Burnt area of cropland is a much better estimate of stubble burning than active fire counts and it would be better if government portals switched to this indicator, agreed Sachin Ghude, scientist at the IITM Pune who heads the DSS and Air Quality Warning and Integrated Decision Support System for Emissions (AIRWISE).

“It is very good news that there was around 30% decrease in burnt area [in Punjab and Haryana], this is good news in terms of policy implementation,” he told The Wire over a telephonic interview, commenting on the findings of the iFOREST report. 

However, geostationary satellites that provide burnt area estimates have some drawbacks and the IITM is still ironing out ways to work this into the DSS, he said. This is still in ‘testing mode’, he said.

For instance, while geostationary satellites can indeed give more frequent data (some even capture images every ten minutes) they are very far above — around 30,000 kilometers away. 

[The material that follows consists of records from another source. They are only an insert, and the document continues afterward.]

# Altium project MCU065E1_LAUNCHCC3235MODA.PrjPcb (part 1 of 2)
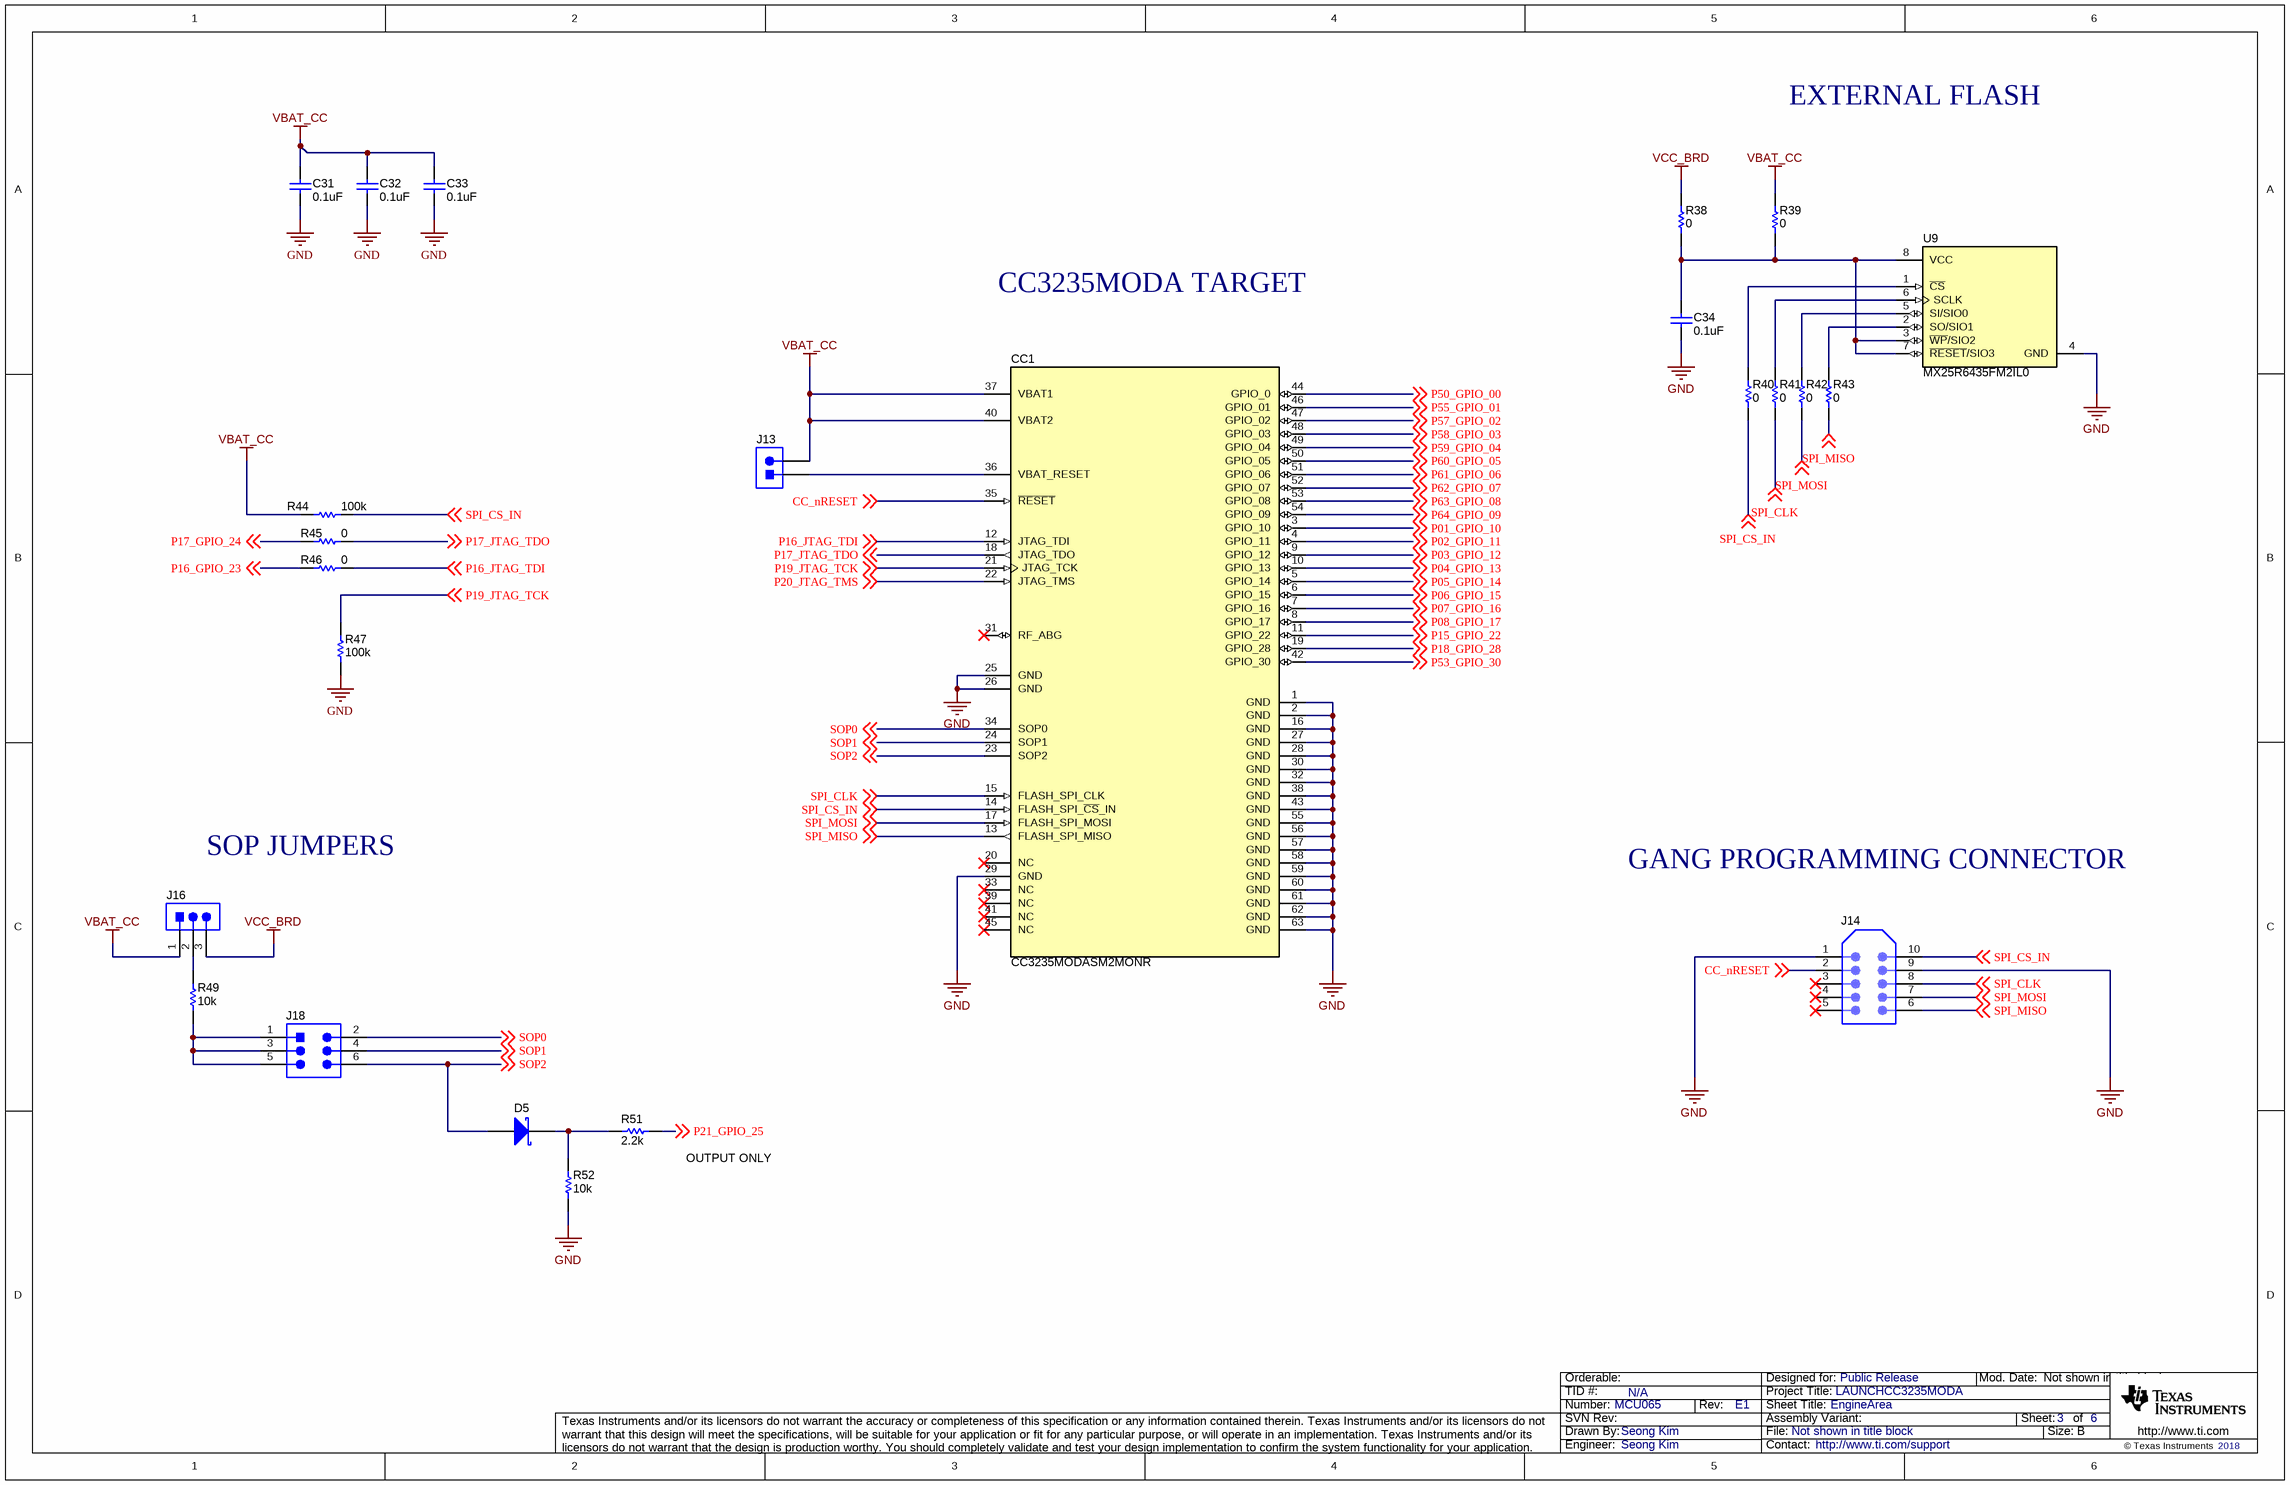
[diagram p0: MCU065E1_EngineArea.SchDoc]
CopyrightYear: 2018; PCB_Layout: Seong Kim; PCB_Rev: E1; PRJ_Customer: Public Release; PRJ_Engineer: Seong Kim; PRJ_Number: MCU065; PRJ_Title: LAUNCHCC3235MODA; SCH_Rev: E1; TechSupport: http://www.ti.com/support; TID: N/A
6 sheets, 301 parts. Net scope: global (net labels, ports and power ports of the same name join across sheets).
Board file: MCU065E1_LAUNCHCC3235MODA_PCB.PcbDoc
Sheets:
  MCU065E1_EngineArea.SchDoc
  MCU065E1_Hardware.SchDoc
  MCU065E1_Host_Interface.SchDoc
  MCU065E1_LEDs_Switches_Sensors.SchDoc
  MCU065E1_XDS110_Circuit.SchDoc
  MCU065E1_XDS110_Host.SchDoc

## Sheet MCU065E1_EngineArea.SchDoc: EngineArea
size 431 x 279 mm; Date: Not shown in title block; ApprovedBy: Not shown in title block; CheckedBy: Not shown in title block; Author: Not shown in title block; CompanyName: Not shown in title block; DrawnBy: Seong Kim; Engineer: Not shown in title block; Organization: Not shown in title block; Address1: Not shown in title block; Address2: Not shown in title block; Address3: Not shown in title block; Address4: Not shown in title block; DocumentNumber: 3; Revision: Use project parameter SCH_Rev; SheetNumber: 3; SheetTotal: 6; PageSetup: Record=PageOptions¦CenterHorizontal=True¦CenterVertical=True¦PrintScale=1.00¦XCorrection=1.00¦YCorrection=1.00¦PrintKind=0¦BorderSize=5000000¦LeftOffset=0¦BottomOffset=0¦Orientation=2¦PaperLength=1000¦PaperWidth=1000¦Scale=100¦PaperSource=15¦PrintQuality=600¦MediaType=1¦DitherType=10¦PaperKind=Letter¦PrintScaleMode=1

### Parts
C31  ValueDisplayed: 0.1uF  [0402]  (hidden comment: GRM155R61A104KA01D)
C32  ValueDisplayed: 0.1uF  [0402]  (hidden comment: GRM155R61A104KA01D)
C33  ValueDisplayed: 0.1uF  [0402]  (hidden comment: GRM155R61A104KA01D)
C34  ValueDisplayed: 0.1uF  [0402]  (hidden comment: GRM155R61A104KA01D)
CC1  CC3235MODASM2MONR  [MON0063A]
D5  CDBU00340  [SOD-523F]  (value not drawn)
J13  961102-6404-AR  [3M_961102-6404-AR]  (value not drawn)
J14  TC2050-IDC-NL-FP  [Tag_TC2050-NL]  (value not drawn)  (no BOM)
J16  CMP-0054796-1  [WURTH_61300311121]  (value not drawn)
J18  61300621121  [Wurth_61300621121]  (value not drawn)
R38  ValueDisplayed: 0  [0402]  (hidden comment: ERJ-2GE0R00X)
R39  ValueDisplayed: 0  [0402]  (hidden comment: ERJ-2GE0R00X)
R40  ValueDisplayed: 0  [0402]  (hidden comment: ERJ-2GE0R00X)
R41  ValueDisplayed: 0  [0402]  (hidden comment: ERJ-2GE0R00X)
R42  ValueDisplayed: 0  [0402]  (hidden comment: ERJ-2GE0R00X)
R43  ValueDisplayed: 0  [0402]  (hidden comment: ERJ-2GE0R00X)
R44  ValueDisplayed: 100k  [0402]  (hidden comment: CRCW0402100KDHEDP)
R45  ValueDisplayed: 0  [0402]  (hidden comment: ERJ-2GE0R00X)
R46  ValueDisplayed: 0  [0402]  (hidden comment: ERJ-2GE0R00X)
R47  ValueDisplayed: 100k  [0402]  (hidden comment: CRCW0402100KJNED)
R49  ValueDisplayed: 10k  [0402]  (hidden comment: CRCW040210K0JNED)
R51  ValueDisplayed: 2.2k  [0402]  (hidden comment: CRCW04022K20JNED)
R52  ValueDisplayed: 10k  [0402]  (hidden comment: CRCW040210K0JNED)
U9  MX25R6435FM2IL0  [SOP-8_200MIL]

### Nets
GND: C31.2 C32.2 C33.2 C34.2 CC1.1(GND) CC1.2(GND) CC1.16(GND) CC1.25(GND) CC1.26(GND) CC1.27(GND) CC1.28(GND) CC1.29(GND) CC1.30(GND) CC1.32(GND) CC1.38(GND) CC1.43(GND) CC1.55(GND) CC1.56(GND) CC1.57(GND) CC1.58(GND) CC1.59(GND) CC1.60(GND) CC1.61(GND) CC1.62(GND) CC1.63(GND) J14.1 J14.9 R47.1 R52.1 U9.4(GND)
VBAT_CC: C31.1 C32.1 C33.1 CC1.37(VBAT1) CC1.40(VBAT2) J13.2 J16.1 R39.2 R44.1
VCC_BRD: J16.3 R38.2
CC_nRESET: CC1.35(~{RESET}) J14.2 ; off-sheet CC_nRESET
P01_GPIO_10: CC1.3(GPIO_10) ; off-sheet P01_GPIO_10
P02_GPIO_11: CC1.4(GPIO_11) ; off-sheet P02_GPIO_11
P03_GPIO_12: CC1.9(GPIO_12) ; off-sheet P03_GPIO_12
P04_GPIO_13: CC1.10(GPIO_13) ; off-sheet P04_GPIO_13
P05_GPIO_14: CC1.5(GPIO_14) ; off-sheet P05_GPIO_14
P06_GPIO_15: CC1.6(GPIO_15) ; off-sheet P06_GPIO_15
P07_GPIO_16: CC1.7(GPIO_16) ; off-sheet P07_GPIO_16
P08_GPIO_17: CC1.8(GPIO_17) ; off-sheet P08_GPIO_17
P15_GPIO_22: CC1.11(GPIO_22) ; off-sheet P15_GPIO_22
P16_GPIO_23: R46.1 ; off-sheet P16_GPIO_23
P16_JTAG_TDI: CC1.12(JTAG_TDI) R46.2 ; off-sheet P16_JTAG_TDI
P17_GPIO_24: R45.1 ; off-sheet P17_GPIO_24
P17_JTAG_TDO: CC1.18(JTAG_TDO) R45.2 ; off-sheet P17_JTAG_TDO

The spatial resolution of data from geostationary satellites is thus coarse (square kilometers, versus square meters from polar-orbiting satellites) — something iFOREST researchers also noted. Thermal signals from fires would be weak at that resolution, so this is a challenge. Research on how to isolate these weak signals through algorithms is still ongoing, Ghude said.

Moreover, there is also a few days’ lag in obtaining burnt area data from these satellites — while the DSS requires quick and real-time data, Ghude said, explaining why the DSS still uses only data from polar-orbiting satellites such as VIIRS.

Since last year, the IITM team has been trying to develop a method to estimate the contribution of stubble burning to air pollution using chemical markers (such as potassium levels from stubble burning through on-ground field data), he added.

“We are trying to see how we can use this data to derive biomass burning estimates,” Ghude told The Wire.

Estimates of biomass (or crops burnt), along with crop production estimates can in turn provide an estimate of the emissions that affect air quality in the Indo-Gangetic plains, including the Delhi-NCR.

This article went live on December ninth, two thousand twenty five, at seventeen minutes past nine at night.